* _AIM OF THE EXERCISE_: Reading the records below, count the lines in which the string "polyline" appears; write the number only.

* _MATERIAL FOR THE TASK_:
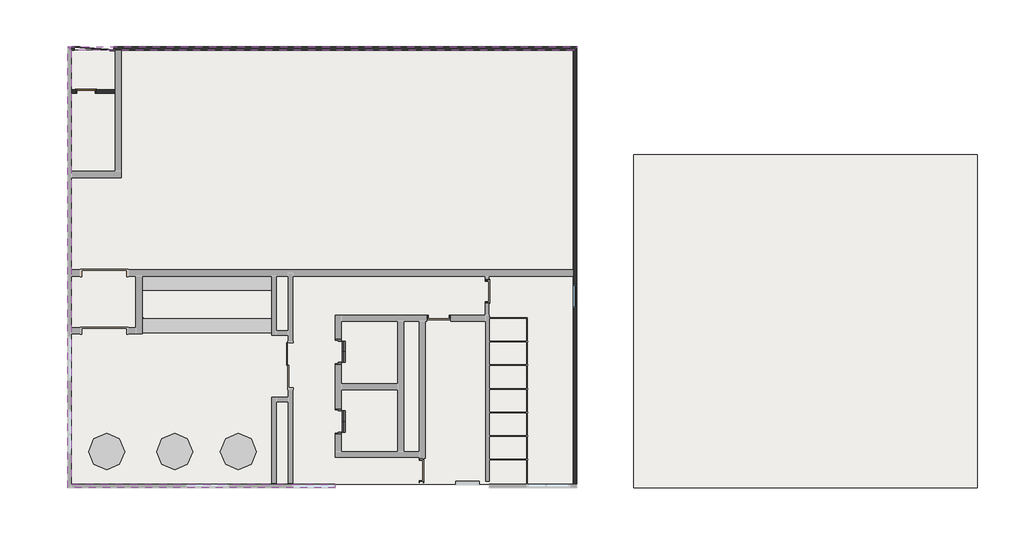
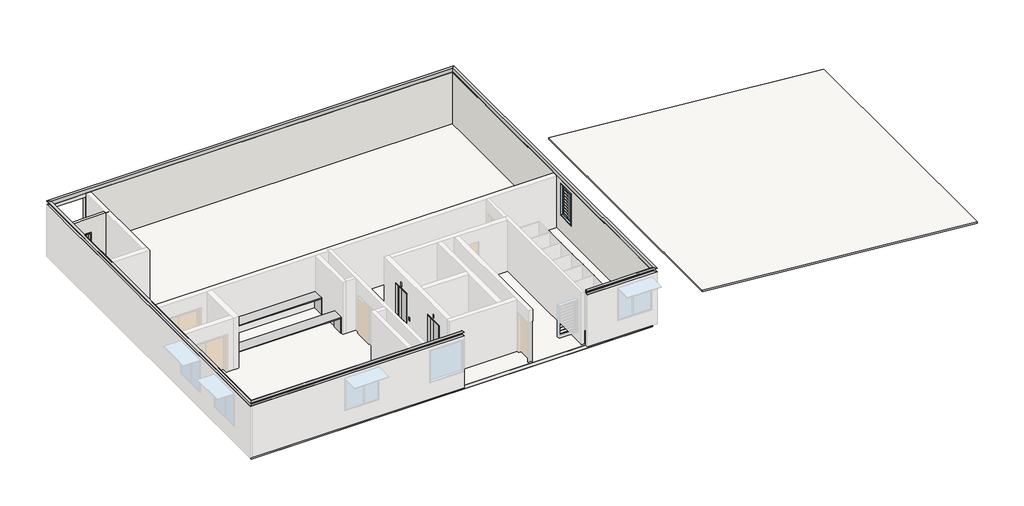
# One storey, part 2 of 2: 5 furniture elements, 4 proxies, 3 walls, 2 slabs, 1 door, 1 railing, 1 roof, 1 window.
"""IFC4 building model written with IfcOpenShell, lengths in millimetres."""

from ifc_helpers import new_model, si_unit, point, frame, frame_2d, origin, place, context, project, spatial, polyline, circle_curve, ellipse_curve, trimmed, segment, composite_curve, outline, extrude, faceted_brep, transform, mapped, element, save
from ifc_brep_helpers import plane_surface, revolved_surface, advanced_brep
from components import lift_single_entry_gen_type1_208d8e88, swing_metal_frame_single_dor_504ee371, furniture_600_deep_no_overhang_b67c900d, table_dining_round_w_chairs_fur1_1525mm_diameter_d4790072, window_louvre_window_louvre_105a682d

model = new_model("IFC4")

# Units and contexts
model_context = context("Model", 3, world=origin())
ifc_project = project(units=[si_unit("LENGTHUNIT", "METRE", prefix="MILLI")], contexts=[model_context])

# Site, building, storey
site = spatial("IfcSite", under=ifc_project)
building = spatial("IfcBuilding", under=site)
storey = spatial("IfcBuildingStorey", under=building, Name="5階", Elevation=42300.0)

# Proxies
placement = place(None, origin())
element("IfcBuildingElementProxy", 1, Name="Slab Edge_PFC'", ObjectType="Slab Edge_PFC'", at=placement, inside=storey, context=model_context, shape_type="AdvancedBrep", body=[
    advanced_brep(
    [(2519.6057353, 18560.0, 45400.0), (2519.6057353, 18560.0, 45200.0), (2369.6057353, 18710.0, 45200.0), (2369.6057353, 18710.0, 45212.0), (2501.6057353, 18578.0, 45212.0), (2513.6057353, 18566.0, 45224.0), (2513.6057353, 18566.0, 45376.0), (2501.6057353, 18578.0, 45388.0), (2369.6057353, 18710.0, 45388.0), (2369.6057353, 18710.0, 45400.0), (2519.6057353, 189.0898177, 45400.0), (2519.6057353, 189.0898177, 45200.0), (2369.6057353, 39.0898177, 45200.0), (2369.6057353, 39.0898177, 45212.0), (2501.6057353, 171.0898177, 45212.0), (2513.6057353, 183.0898177, 45224.0), (2513.6057353, 183.0898177, 45376.0), (2501.6057353, 171.0898177, 45388.0), (2369.6057353, 39.0898177, 45388.0), (2369.6057353, 39.0898177, 45400.0), (13694.6062665, 189.0898177, 45200.0), (13694.6062665, 189.0898177, 45400.0), (13694.6062665, 39.0898177, 45400.0), (13694.6062665, 39.0898177, 45388.0), (13694.6062665, 171.0898177, 45388.0), (13694.6062665, 183.0898177, 45376.0), (13694.6062665, 183.0898177, 45224.0), (13694.6062665, 171.0898177, 45212.0), (13694.6062665, 39.0898177, 45212.0), (13694.6062665, 39.0898177, 45200.0)],
    [
        (0, 1),
        (1, 2),
        (2, 3),
        (3, 4),
        (4, 5, ellipse_curve(frame((2501.6057353, 18578.0, 45224.0), z_axis=(-0.7071067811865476, -0.7071067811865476, 0.0), x_axis=(0.7071067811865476, -0.7071067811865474, 0.0)), 16.9705627, 12.0)),
        (5, 6),
        (6, 7, ellipse_curve(frame((2501.6057353, 18578.0, 45376.0), z_axis=(-0.7071067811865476, -0.7071067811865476, 0.0), x_axis=(0.7071067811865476, -0.7071067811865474, 0.0)), 16.9705627, 12.0)),
        (7, 8),
        (8, 9),
        (9, 0),
        (0, 10),
        (10, 11),
        (11, 1),
        (11, 12),
        (12, 2),
        (12, 13),
        (13, 3),
        (13, 14),
        (14, 4),
        (14, 15, ellipse_curve(frame((2501.6057353, 171.0898177, 45224.0), z_axis=(0.7071067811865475, -0.7071067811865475, 0.0), x_axis=(-0.7071067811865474, -0.7071067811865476, 0.0)), 16.9705627, 12.0)),
        (15, 5),
        (15, 16),
        (16, 6),
        (16, 17, ellipse_curve(frame((2501.6057353, 171.0898177, 45376.0), z_axis=(0.7071067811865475, -0.7071067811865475, 0.0), x_axis=(-0.7071067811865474, -0.7071067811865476, 0.0)), 16.9705627, 12.0)),
        (17, 7),
        (17, 18),
        (18, 8),
        (18, 19),
        (19, 9),
        (19, 10),
        (20, 21),
        (21, 22),
        (22, 23),
        (23, 24),
        (24, 25, circle_curve(frame((13694.6062665, 171.0898177, 45376.0), z_axis=(-1.0, 0.0, 0.0), x_axis=(0.0, -1.0, 0.0)), 12.0)),
        (25, 26),
        (26, 27, circle_curve(frame((13694.6062665, 171.0898177, 45224.0), z_axis=(-1.0, 0.0, 0.0), x_axis=(0.0, -1.0, 0.0)), 12.0)),
        (27, 28),
        (28, 29),
        (29, 20),
        (10, 21),
        (20, 11),
        (29, 12),
        (28, 13),
        (27, 14),
        (26, 15),
        (25, 16),
        (24, 17),
        (23, 18),
        (22, 19),
    ],
    [
        plane_surface(frame((2519.6057353, 18560.0, 45400.0), z_axis=(0.7071067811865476, 0.7071067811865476, 0.0), x_axis=(-0.7071067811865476, 0.7071067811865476, 0.0))),
        plane_surface(frame((2519.6057353, 18560.0, 45400.0), z_axis=(1.0, 0.0, 0.0), x_axis=(0.0, -1.0, 0.0))),
        plane_surface(frame((2519.6057353, 18560.0, 45200.0), z_axis=(0.0, 0.0, -1.0), x_axis=(0.0, -1.0, 0.0))),
        plane_surface(frame((2369.6057353, 18710.0, 45200.0), z_axis=(-1.0, 0.0, 0.0), x_axis=(0.0, -1.0, 0.0))),
        plane_surface(frame((2369.6057353, 18710.0, 45212.0), z_axis=(0.0, 0.0, 1.0), x_axis=(0.0, -1.0, 0.0))),
        revolved_surface(polyline([(2489.6057353, 159.08981773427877, 45224.0), (2489.6057353, 18589.999999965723, 45224.0)]), (2501.6057353, 18560.0, 45224.0), (0.0, -1.0, 0.0)),
        plane_surface(frame((2513.6057353, 18566.0, 45224.0), z_axis=(-1.0, 0.0, 0.0), x_axis=(0.0, -1.0, 0.0))),
        revolved_surface(polyline([(2489.6057353, 159.08981773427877, 45376.0), (2489.6057353, 18589.999999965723, 45376.0)]), (2501.6057353, 18560.0, 45376.0), (0.0, -1.0, 0.0)),
        plane_surface(frame((2501.6057353, 18578.0, 45388.0), z_axis=(0.0, 0.0, -1.0), x_axis=(0.0, -1.0, 0.0))),
        plane_surface(frame((2369.6057353, 18710.0, 45388.0), z_axis=(-1.0, 0.0, 0.0), x_axis=(0.0, -1.0, 0.0))),
        plane_surface(frame((2369.6057353, 18710.0, 45400.0), z_axis=(0.0, 0.0, 1.0), x_axis=(0.0, -1.0, 0.0))),
        plane_surface(frame((13694.6062665, 189.0898177, 45150.0), z_axis=(1.0, 0.0, 0.0), x_axis=(0.0, 1.0, 0.0))),
        plane_surface(frame((2519.6057353, 189.0898177, 45400.0), z_axis=(0.0, 1.0, 0.0), x_axis=(1.0, 0.0, 0.0))),
        plane_surface(frame((2519.6057353, 189.0898177, 45200.0), z_axis=(0.0, 0.0, -1.0), x_axis=(1.0, 0.0, 0.0))),
        plane_surface(frame((2369.6057353, 39.0898177, 45200.0), z_axis=(0.0, -1.0, 0.0), x_axis=(1.0, 0.0, 0.0))),
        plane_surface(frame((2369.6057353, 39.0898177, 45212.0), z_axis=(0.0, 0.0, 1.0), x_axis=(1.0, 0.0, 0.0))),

* _RESULT FOR THIS TASK_: 3